### Work to be completed
Ignore the pictures in the data below and set down exactly the lines from its first line through the line containing "#4368 = EDGE_CURVE".

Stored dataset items
== == ==
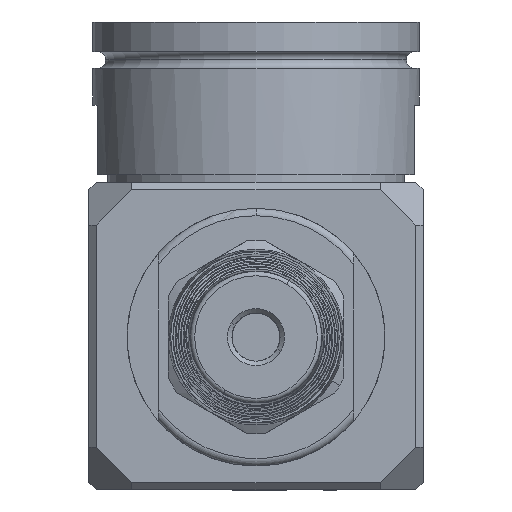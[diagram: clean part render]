
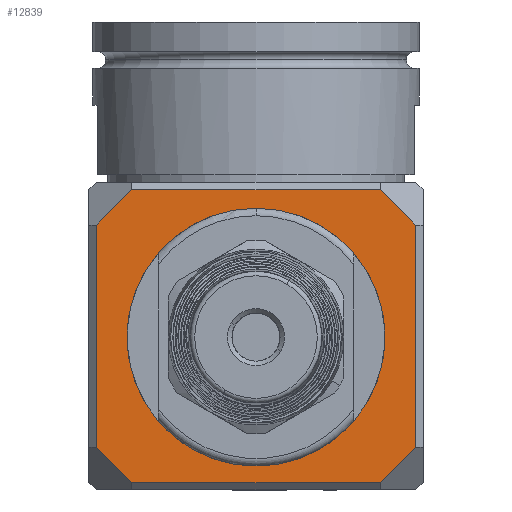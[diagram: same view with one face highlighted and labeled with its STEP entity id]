
A CAD part, front view. The second image highlights one B-rep face of the part: STEP entity #12839.
In plain terms, the highlighted planar face has unit normal (0, -1, 0).
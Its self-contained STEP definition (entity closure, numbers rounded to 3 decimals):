
#242 = LINE ( 'NONE', #10673, #9867 ) ;
#486 = DIRECTION ( 'NONE',  ( 0., -1., 0. ) ) ;
#592 = CARTESIAN_POINT ( 'NONE',  ( 0., -23.724, -51.892 ) ) ;
#751 = VECTOR ( 'NONE', #8563, 1000. ) ;
#858 = CARTESIAN_POINT ( 'NONE',  ( 0., -23.724, -34.963 ) ) ;
#1232 = EDGE_CURVE ( 'NONE', #7008, #6839, #11809, .T. ) ;
#1451 = ORIENTED_EDGE ( 'NONE', *, *, #1232, .T. ) ;
#1695 = LINE ( 'NONE', #7940, #1966 ) ;
#1736 = ORIENTED_EDGE ( 'NONE', *, *, #5890, .T. ) ;
#1966 = VECTOR ( 'NONE', #17064, 1000. ) ;
#2472 = VERTEX_POINT ( 'NONE', #8581 ) ;
#2500 = EDGE_LOOP ( 'NONE', ( #3324, #16805, #6819, #7946, #1736, #1451, #15983, #19006 ) ) ;
#2729 = LINE ( 'NONE', #16287, #15806 ) ;
#2749 = CARTESIAN_POINT ( 'NONE',  ( -21.933, -23.724, -50.101 ) ) ;
#2887 = CARTESIAN_POINT ( 'NONE',  ( 22.949, -23.724, -54.94 ) ) ;
#3324 = ORIENTED_EDGE ( 'NONE', *, *, #17264, .T. ) ;
#3640 = PLANE ( 'NONE',  #14363 ) ;
#3857 = DIRECTION ( 'NONE',  ( 0., 0., 1. ) ) ;
#3911 = CARTESIAN_POINT ( 'NONE',  ( -21.933, -23.724, -19.571 ) ) ;
#4368 = EDGE_CURVE ( 'NONE', #2472, #6994, #11924, .T. ) ;
#5060 = DIRECTION ( 'NONE',  ( 0., 0., -1. ) ) ;
#5420 = DIRECTION ( 'NONE',  ( 0., 1., 0. ) ) ;
#5630 = CARTESIAN_POINT ( 'NONE',  ( 27.127, -23.724, -24.765 ) ) ;
#5890 = EDGE_CURVE ( 'NONE', #10260, #7008, #2729, .T. ) ;
#6033 = CARTESIAN_POINT ( 'NONE',  ( -21.933, -23.724, -55.956 ) ) ;
#6379 = FACE_OUTER_BOUND ( 'NONE', #2500, .T. ) ;
#6819 = ORIENTED_EDGE ( 'NONE', *, *, #11596, .T. ) ;
#6839 = VERTEX_POINT ( 'NONE', #7956 ) ;
#6983 = EDGE_CURVE ( 'NONE', #16142, #19689, #18349, .T. ) ;
#6994 = VERTEX_POINT ( 'NONE', #3911 ) ;
#7008 = VERTEX_POINT ( 'NONE', #13205 ) ;
#7066 = DIRECTION ( 'NONE',  ( -0.707, 0., -0.707 ) ) ;
#7397 = CARTESIAN_POINT ( 'NONE',  ( 17.094, -23.724, -54.94 ) ) ;
#7428 = VECTOR ( 'NONE', #12716, 1000. ) ;
#7486 = CARTESIAN_POINT ( 'NONE',  ( 0., -23.724, -18.034 ) ) ;
#7614 = VERTEX_POINT ( 'NONE', #2749 ) ;
#7891 = CARTESIAN_POINT ( 'NONE',  ( -17.094, -23.724, -54.94 ) ) ;
#7940 = CARTESIAN_POINT ( 'NONE',  ( -22.949, -23.724, -14.732 ) ) ;
#7946 = ORIENTED_EDGE ( 'NONE', *, *, #18258, .T. ) ;
#7956 = CARTESIAN_POINT ( 'NONE',  ( 17.094, -23.724, -14.732 ) ) ;
#8563 = DIRECTION ( 'NONE',  ( 1., 0., 0. ) ) ;
#8581 = CARTESIAN_POINT ( 'NONE',  ( -17.094, -23.724, -14.732 ) ) ;
#9634 = AXIS2_PLACEMENT_3D ( 'NONE', #858, #5420, #16152 ) ;
#9867 = VECTOR ( 'NONE', #10973, 1000. ) ;
#9966 = DIRECTION ( 'NONE',  ( 0.707, 0., -0.707 ) ) ;
#10260 = VERTEX_POINT ( 'NONE', #13973 ) ;
#10583 = EDGE_CURVE ( 'NONE', #6839, #2472, #1695, .T. ) ;
#10673 = CARTESIAN_POINT ( 'NONE',  ( 10.071, -23.724, -61.963 ) ) ;
#10973 = DIRECTION ( 'NONE',  ( 0.707, 0., 0.707 ) ) ;
#11283 = DIRECTION ( 'NONE',  ( 0., 1., 0. ) ) ;
#11596 = EDGE_CURVE ( 'NONE', #12843, #12070, #19780, .T. ) ;
#11611 = CARTESIAN_POINT ( 'NONE',  ( 0., -23.724, -51.892 ) ) ;
#11809 = LINE ( 'NONE', #5630, #7428 ) ;
#11924 = LINE ( 'NONE', #19326, #17092 ) ;
#12070 = VERTEX_POINT ( 'NONE', #7397 ) ;
#12716 = DIRECTION ( 'NONE',  ( -0.707, 0., 0.707 ) ) ;
#12742 = FACE_BOUND ( 'NONE', #19417, .T. ) ;
#12839 = ADVANCED_FACE ( 'NONE', ( #12742, #6379 ), #3640, .T. ) ;
#12843 = VERTEX_POINT ( 'NONE', #7891 ) ;
#13101 = ORIENTED_EDGE ( 'NONE', *, *, #14520, .T. ) ;
#13205 = CARTESIAN_POINT ( 'NONE',  ( 21.933, -23.724, -19.571 ) ) ;
#13868 = EDGE_CURVE ( 'NONE', #7614, #12843, #18123, .T. ) ;
#13973 = CARTESIAN_POINT ( 'NONE',  ( 21.933, -23.724, -50.101 ) ) ;
#14226 = CARTESIAN_POINT ( 'NONE',  ( 0., -23.724, -34.963 ) ) ;
#14363 = AXIS2_PLACEMENT_3D ( 'NONE', #592, #486, #5060 ) ;
#14520 = EDGE_CURVE ( 'NONE', #19689, #16142, #16996, .T. ) ;
#15749 = VECTOR ( 'NONE', #18688, 1000. ) ;
#15806 = VECTOR ( 'NONE', #3857, 1000. ) ;
#15983 = ORIENTED_EDGE ( 'NONE', *, *, #10583, .T. ) ;
#16025 = AXIS2_PLACEMENT_3D ( 'NONE', #14226, #11283, #17468 ) ;
#16128 = CARTESIAN_POINT ( 'NONE',  ( -10.071, -23.724, -61.963 ) ) ;
#16142 = VERTEX_POINT ( 'NONE', #7486 ) ;
#16152 = DIRECTION ( 'NONE',  ( 0., 0., 1. ) ) ;
#16287 = CARTESIAN_POINT ( 'NONE',  ( 21.933, -23.724, -13.716 ) ) ;
#16805 = ORIENTED_EDGE ( 'NONE', *, *, #13868, .T. ) ;
#16996 = CIRCLE ( 'NONE', #16025, 16.929 ) ;
#17064 = DIRECTION ( 'NONE',  ( -1., 0., 0. ) ) ;
#17092 = VECTOR ( 'NONE', #7066, 1000. ) ;
#17264 = EDGE_CURVE ( 'NONE', #6994, #7614, #19903, .T. ) ;
#17309 = VECTOR ( 'NONE', #9966, 1000. ) ;
#17468 = DIRECTION ( 'NONE',  ( 0., 0., 1. ) ) ;
#18123 = LINE ( 'NONE', #16128, #17309 ) ;
#18258 = EDGE_CURVE ( 'NONE', #12070, #10260, #242, .T. ) ;
#18349 = CIRCLE ( 'NONE', #9634, 16.929 ) ;
#18688 = DIRECTION ( 'NONE',  ( 0., 0., -1. ) ) ;
#18810 = ORIENTED_EDGE ( 'NONE', *, *, #6983, .T. ) ;
#19006 = ORIENTED_EDGE ( 'NONE', *, *, #4368, .T. ) ;
#19326 = CARTESIAN_POINT ( 'NONE',  ( -27.127, -23.724, -24.765 ) ) ;
#19417 = EDGE_LOOP ( 'NONE', ( #18810, #13101 ) ) ;
#19689 = VERTEX_POINT ( 'NONE', #11611 ) ;
#19780 = LINE ( 'NONE', #2887, #751 ) ;
#19903 = LINE ( 'NONE', #6033, #15749 ) ;
== == ==
### Exercise result
[diagram: clean part render]
[diagram: same view with one face highlighted and labeled with its STEP entity id]
A CAD part, front view. The second image highlights one B-rep face of the part: STEP entity #12839.
In plain terms, the highlighted planar face has unit normal (0, -1, 0).
Its self-contained STEP definition (entity closure, numbers rounded to 3 decimals):
#242 = LINE ( 'NONE', #10673, #9867 ) ;
#486 = DIRECTION ( 'NONE',  ( 0., -1., 0. ) ) ;
#592 = CARTESIAN_POINT ( 'NONE',  ( 0., -23.724, -51.892 ) ) ;
#751 = VECTOR ( 'NONE', #8563, 1000. ) ;
#858 = CARTESIAN_POINT ( 'NONE',  ( 0., -23.724, -34.963 ) ) ;
#1232 = EDGE_CURVE ( 'NONE', #7008, #6839, #11809, .T. ) ;
#1451 = ORIENTED_EDGE ( 'NONE', *, *, #1232, .T. ) ;
#1695 = LINE ( 'NONE', #7940, #1966 ) ;
#1736 = ORIENTED_EDGE ( 'NONE', *, *, #5890, .T. ) ;
#1966 = VECTOR ( 'NONE', #17064, 1000. ) ;
#2472 = VERTEX_POINT ( 'NONE', #8581 ) ;
#2500 = EDGE_LOOP ( 'NONE', ( #3324, #16805, #6819, #7946, #1736, #1451, #15983, #19006 ) ) ;
#2729 = LINE ( 'NONE', #16287, #15806 ) ;
#2749 = CARTESIAN_POINT ( 'NONE',  ( -21.933, -23.724, -50.101 ) ) ;
#2887 = CARTESIAN_POINT ( 'NONE',  ( 22.949, -23.724, -54.94 ) ) ;
#3324 = ORIENTED_EDGE ( 'NONE', *, *, #17264, .T. ) ;
#3640 = PLANE ( 'NONE',  #14363 ) ;
#3857 = DIRECTION ( 'NONE',  ( 0., 0., 1. ) ) ;
#3911 = CARTESIAN_POINT ( 'NONE',  ( -21.933, -23.724, -19.571 ) ) ;
#4368 = EDGE_CURVE ( 'NONE', #2472, #6994, #11924, .T. ) ;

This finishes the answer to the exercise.